In that case you could have used the second argument of the sum function as a starting point for the sum and used:

def kth_smallest(k, mat):
    entries = sorted(sum(mat, []))
    return entries[k - 1]

On my machine, for the example given, this outperforms your solution for small matrices, but breaks down for larger matrices. It is, however a lot easier to understand.

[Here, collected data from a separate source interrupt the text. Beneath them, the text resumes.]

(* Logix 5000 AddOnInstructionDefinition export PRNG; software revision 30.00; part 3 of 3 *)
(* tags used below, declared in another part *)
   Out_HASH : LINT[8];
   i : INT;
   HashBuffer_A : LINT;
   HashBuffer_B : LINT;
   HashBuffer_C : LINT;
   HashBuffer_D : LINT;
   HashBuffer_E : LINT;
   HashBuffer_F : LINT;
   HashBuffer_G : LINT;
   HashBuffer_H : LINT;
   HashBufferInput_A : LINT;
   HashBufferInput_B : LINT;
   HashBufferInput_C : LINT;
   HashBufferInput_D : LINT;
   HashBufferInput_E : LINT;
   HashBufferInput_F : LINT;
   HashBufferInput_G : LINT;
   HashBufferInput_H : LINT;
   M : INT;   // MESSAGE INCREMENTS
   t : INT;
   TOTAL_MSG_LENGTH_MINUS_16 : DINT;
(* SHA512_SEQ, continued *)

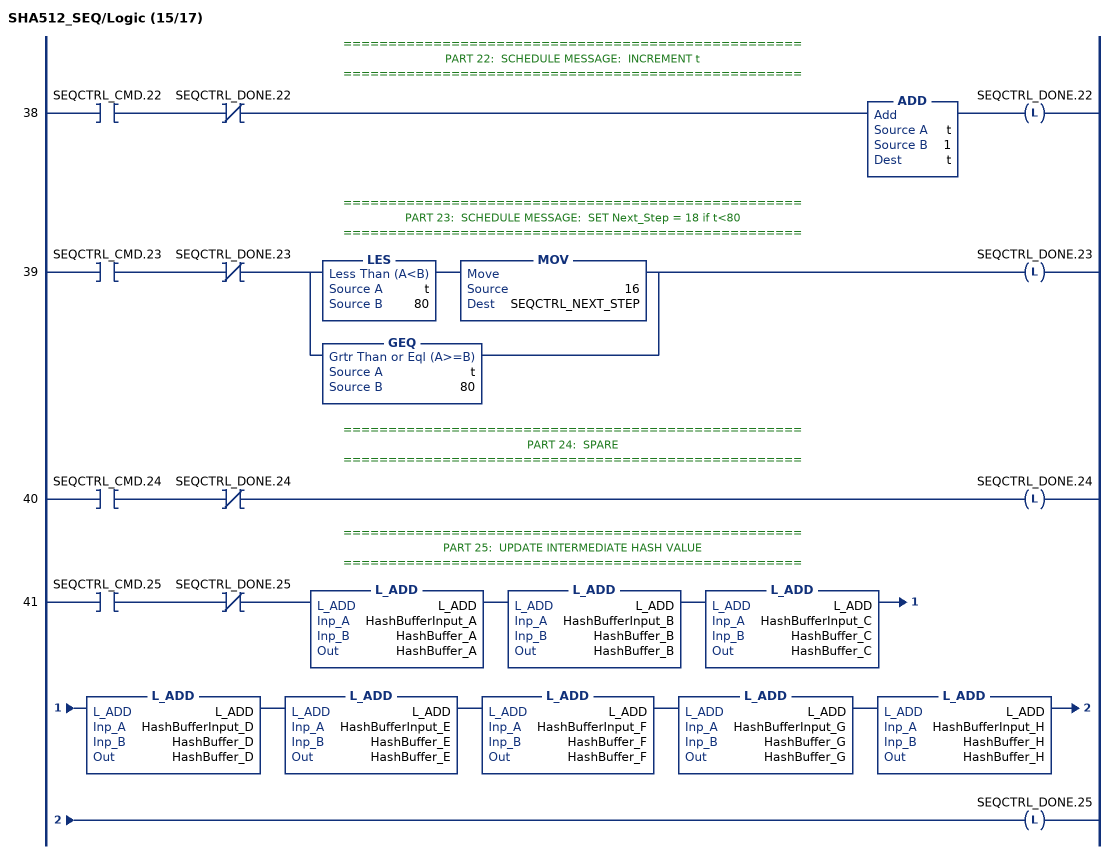
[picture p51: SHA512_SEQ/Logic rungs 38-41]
   // ===================================================
   // PART 22:  SCHEDULE MESSAGE:  INCREMENT t
   // ===================================================
   38: XIC(SEQCTRL_CMD.22)XIO(SEQCTRL_DONE.22)ADD(t,1,t)OTL(SEQCTRL_DONE.22);
   // ===================================================
   // PART 23:  SCHEDULE MESSAGE:  SET Next_Step = 18 if t<80
   // ===================================================
   39: XIC(SEQCTRL_CMD.23)XIO(SEQCTRL_DONE.23)[LES(t,80) MOV(16,SEQCTRL_NEXT_STEP) ,GEQ(t,80) ]OTL(SEQCTRL_DONE.23);
   // ===================================================
   // PART 24:  SPARE
   // ===================================================
   40: XIC(SEQCTRL_CMD.24)XIO(SEQCTRL_DONE.24)OTL(SEQCTRL_DONE.24);
   // ===================================================
   // PART 25:  UPDATE INTERMEDIATE HASH VALUE
   // ===================================================
   41: XIC(SEQCTRL_CMD.25)XIO(SEQCTRL_DONE.25)L_ADD(L_ADD,HashBufferInput_A,HashBuffer_A,HashBuffer_A)L_ADD(L_ADD,HashBufferInput_B,HashBuffer_B,HashBuffer_B)L_ADD(L_ADD,HashBufferInput_C,HashBuffer_C,HashBuffer_C)L_ADD(L_ADD,HashBufferInput_D,HashBuffer_D,HashBuffer_D)L_ADD(L_ADD,HashBufferInput_E,HashBuffer_E,HashBuffer_E)L_ADD(L_ADD,HashBufferInput_F,HashBuffer_F,HashBuffer_F)L_ADD(L_ADD,HashBufferInput_G,HashBuffer_G,HashBuffer_G)L_ADD(L_ADD,HashBufferInput_H,HashBuffer_H,HashBuffer_H)OTL(SEQCTRL_DONE.25);
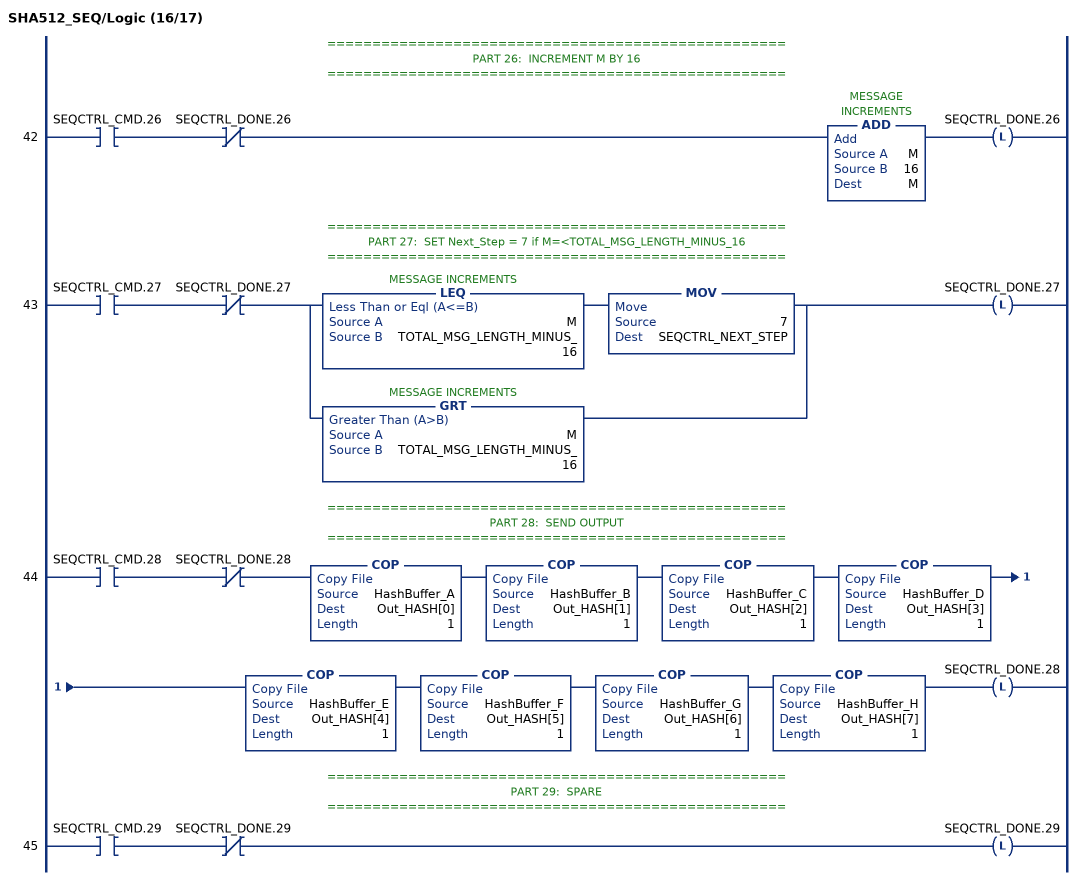
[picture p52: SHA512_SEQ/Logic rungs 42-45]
   // ===================================================
   // PART 26:  INCREMENT M BY 16
   // ===================================================
   42: XIC(SEQCTRL_CMD.26)XIO(SEQCTRL_DONE.26)ADD(M,16,M)OTL(SEQCTRL_DONE.26);
   // ===================================================
   // PART 27:  SET Next_Step = 7 if M=<TOTAL_MSG_LENGTH_MINUS_16
   // ===================================================
   43: XIC(SEQCTRL_CMD.27)XIO(SEQCTRL_DONE.27)[LEQ(M,TOTAL_MSG_LENGTH_MINUS_16) MOV(7,SEQCTRL_NEXT_STEP) ,GRT(M,TOTAL_MSG_LENGTH_MINUS_16) ]OTL(SEQCTRL_DONE.27);
   // ===================================================
   // PART 28:  SEND OUTPUT
   // ===================================================
   44: XIC(SEQCTRL_CMD.28)XIO(SEQCTRL_DONE.28)COP(HashBuffer_A,Out_HASH[0],1)COP(HashBuffer_B,Out_HASH[1],1)COP(HashBuffer_C,Out_HASH[2],1)COP(HashBuffer_D,Out_HASH[3],1)COP(HashBuffer_E,Out_HASH[4],1)COP(HashBuffer_F,Out_HASH[5],1)COP(HashBuffer_G,Out_HASH[6],1)COP(HashBuffer_H,Out_HASH[7],1)OTL(SEQCTRL_DONE.28);
   // ===================================================
   // PART 29:  SPARE
   // ===================================================
   45: XIC(SEQCTRL_CMD.29)XIO(SEQCTRL_DONE.29)OTL(SEQCTRL_DONE.29);
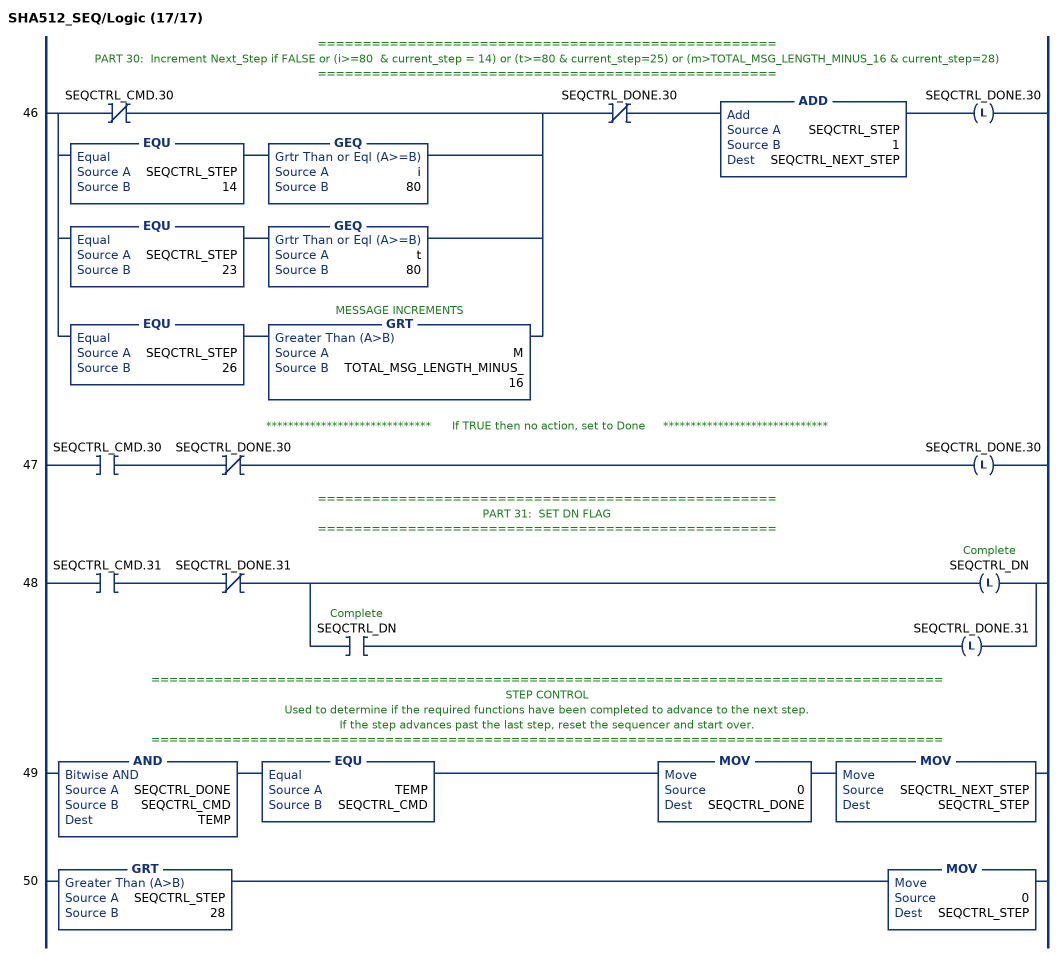
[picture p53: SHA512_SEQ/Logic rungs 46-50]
   // ===================================================
   // PART 30:  Increment Next_Step if FALSE or (i>=80  & current_step = 14) or (t>=80 & current_step=25) or (m>TOTAL_MSG_LENGTH_MINUS_16 & current_step=28)
   // ===================================================
   46: [XIO(SEQCTRL_CMD.30) ,EQU(SEQCTRL_STEP,14) GEQ(i,80) ,EQU(SEQCTRL_STEP,23) GEQ(t,80) ,EQU(SEQCTRL_STEP,26) GRT(M,TOTAL_MSG_LENGTH_MINUS_16) ]XIO(SEQCTRL_DONE.30)ADD(SEQCTRL_STEP,1,SEQCTRL_NEXT_STEP)OTL(SEQCTRL_DONE.30);
   // ******************************      If TRUE then no action, set to Done     ******************************
   47: XIC(SEQCTRL_CMD.30)XIO(SEQCTRL_DONE.30)OTL(SEQCTRL_DONE.30);
   // ===================================================
   // PART 31:  SET DN FLAG
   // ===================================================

+----+---------------------------------------+----------+---------+--------------+
| k  |                matrix                 | Graipher | Harsha  | Janne Karila |
+----+---------------------------------------+----------+---------+--------------+
|  1 | [[1,10,12],[2,11,21], [3,31,45]]      | 1.34 µs  | 1.61 µs | 1.07 µs      |
|  8 | [[1,10,12],[2,11,21], [3,31,45]]      | 1.22 µs  | 5.94 µs | 3.72 µs      |
|  8 | [[1,10,12, 25, 38, 42, 51],           | 2.43 µs  | 12 µs   | 5.55 µs      |
|    | [2,11,21, 35, 48, 52, 67],            |          |         |              |
|    | [3,31,45, 47, 58, 63, 72],            |          |         |              |
|    | [4, 32, 46, 48, 59, 64, 73]]          |          |         |              |
| 25 | [range(i, i+50) for i in range(50)]   | 286 µs   | 220 µs  | 42.4 µs      |
| 25 | [range(i, i+100) for i in range(100)] | 1.8 ms   | 455 µs  | 79.3 µs      |
+----+---------------------------------------+----------+---------+--------------+

Style-wise, there are only a few PEP8 violations, all missing whitespace around operators.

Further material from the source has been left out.